Task brief —
Would you please repeat all of the data exactly, omitting the pictures?

Records from a collection:
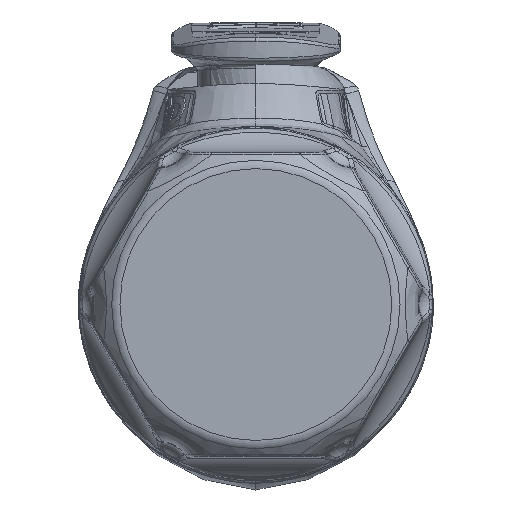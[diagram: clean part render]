
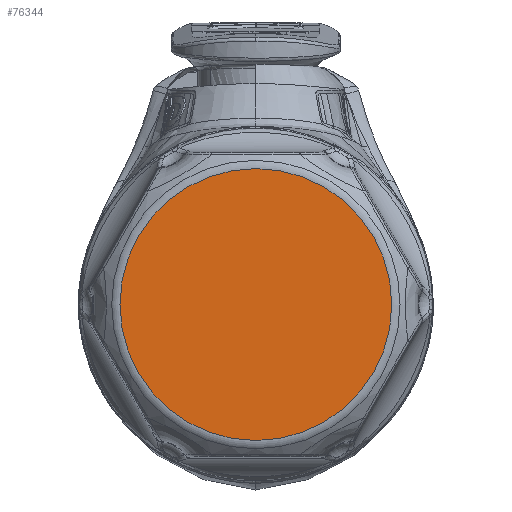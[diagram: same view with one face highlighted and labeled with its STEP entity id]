
A CAD part, front view. The second image highlights one B-rep face of the part: STEP entity #76344.
In plain terms, the highlighted planar face has unit normal (0, -1, 0).
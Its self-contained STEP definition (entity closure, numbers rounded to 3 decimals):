
#1261 = VERTEX_POINT ( 'NONE', #23498 ) ;
#2103 = EDGE_LOOP ( 'NONE', ( #81946 ) ) ;
#5241 = DIRECTION ( 'NONE',  ( 0., -1., 0. ) ) ;
#6407 = FACE_OUTER_BOUND ( 'NONE', #2103, .T. ) ;
#11394 = EDGE_CURVE ( 'NONE', #1261, #1261, #14669, .T. ) ;
#14669 = CIRCLE ( 'NONE', #53218, 11.016 ) ;
#20752 = CARTESIAN_POINT ( 'NONE',  ( 0., -58.7, 0. ) ) ;
#23498 = CARTESIAN_POINT ( 'NONE',  ( 11.016, -58.7, 0. ) ) ;
#40934 = CARTESIAN_POINT ( 'NONE',  ( 0., -58.7, 0. ) ) ;
#53218 = AXIS2_PLACEMENT_3D ( 'NONE', #40934, #5241, #68322 ) ;
#57379 = PLANE ( 'NONE',  #84780 ) ;
#63439 = DIRECTION ( 'NONE',  ( 0., -1., 0. ) ) ;
#68322 = DIRECTION ( 'NONE',  ( 1., 0., 0. ) ) ;
#76344 = ADVANCED_FACE ( 'NONE', ( #6407 ), #57379, .T. ) ;
#81946 = ORIENTED_EDGE ( 'NONE', *, *, #11394, .T. ) ;
#84777 = DIRECTION ( 'NONE',  ( 0., 0., -1. ) ) ;
#84780 = AXIS2_PLACEMENT_3D ( 'NONE', #20752, #63439, #84777 ) ;

Exercise output —
[diagram: clean part render]
[diagram: same view with one face highlighted and labeled with its STEP entity id]
A CAD part, front view. The second image highlights one B-rep face of the part: STEP entity #76344.
In plain terms, the highlighted planar face has unit normal (0, -1, 0).
Its self-contained STEP definition (entity closure, numbers rounded to 3 decimals):
#1261 = VERTEX_POINT ( 'NONE', #23498 ) ;
#2103 = EDGE_LOOP ( 'NONE', ( #81946 ) ) ;
#5241 = DIRECTION ( 'NONE',  ( 0., -1., 0. ) ) ;
#6407 = FACE_OUTER_BOUND ( 'NONE', #2103, .T. ) ;
#11394 = EDGE_CURVE ( 'NONE', #1261, #1261, #14669, .T. ) ;
#14669 = CIRCLE ( 'NONE', #53218, 11.016 ) ;
#20752 = CARTESIAN_POINT ( 'NONE',  ( 0., -58.7, 0. ) ) ;
#23498 = CARTESIAN_POINT ( 'NONE',  ( 11.016, -58.7, 0. ) ) ;
#40934 = CARTESIAN_POINT ( 'NONE',  ( 0., -58.7, 0. ) ) ;
#53218 = AXIS2_PLACEMENT_3D ( 'NONE', #40934, #5241, #68322 ) ;
#57379 = PLANE ( 'NONE',  #84780 ) ;
#63439 = DIRECTION ( 'NONE',  ( 0., -1., 0. ) ) ;
#68322 = DIRECTION ( 'NONE',  ( 1., 0., 0. ) ) ;
#76344 = ADVANCED_FACE ( 'NONE', ( #6407 ), #57379, .T. ) ;
#81946 = ORIENTED_EDGE ( 'NONE', *, *, #11394, .T. ) ;
#84777 = DIRECTION ( 'NONE',  ( 0., 0., -1. ) ) ;
#84780 = AXIS2_PLACEMENT_3D ( 'NONE', #20752, #63439, #84777 ) ;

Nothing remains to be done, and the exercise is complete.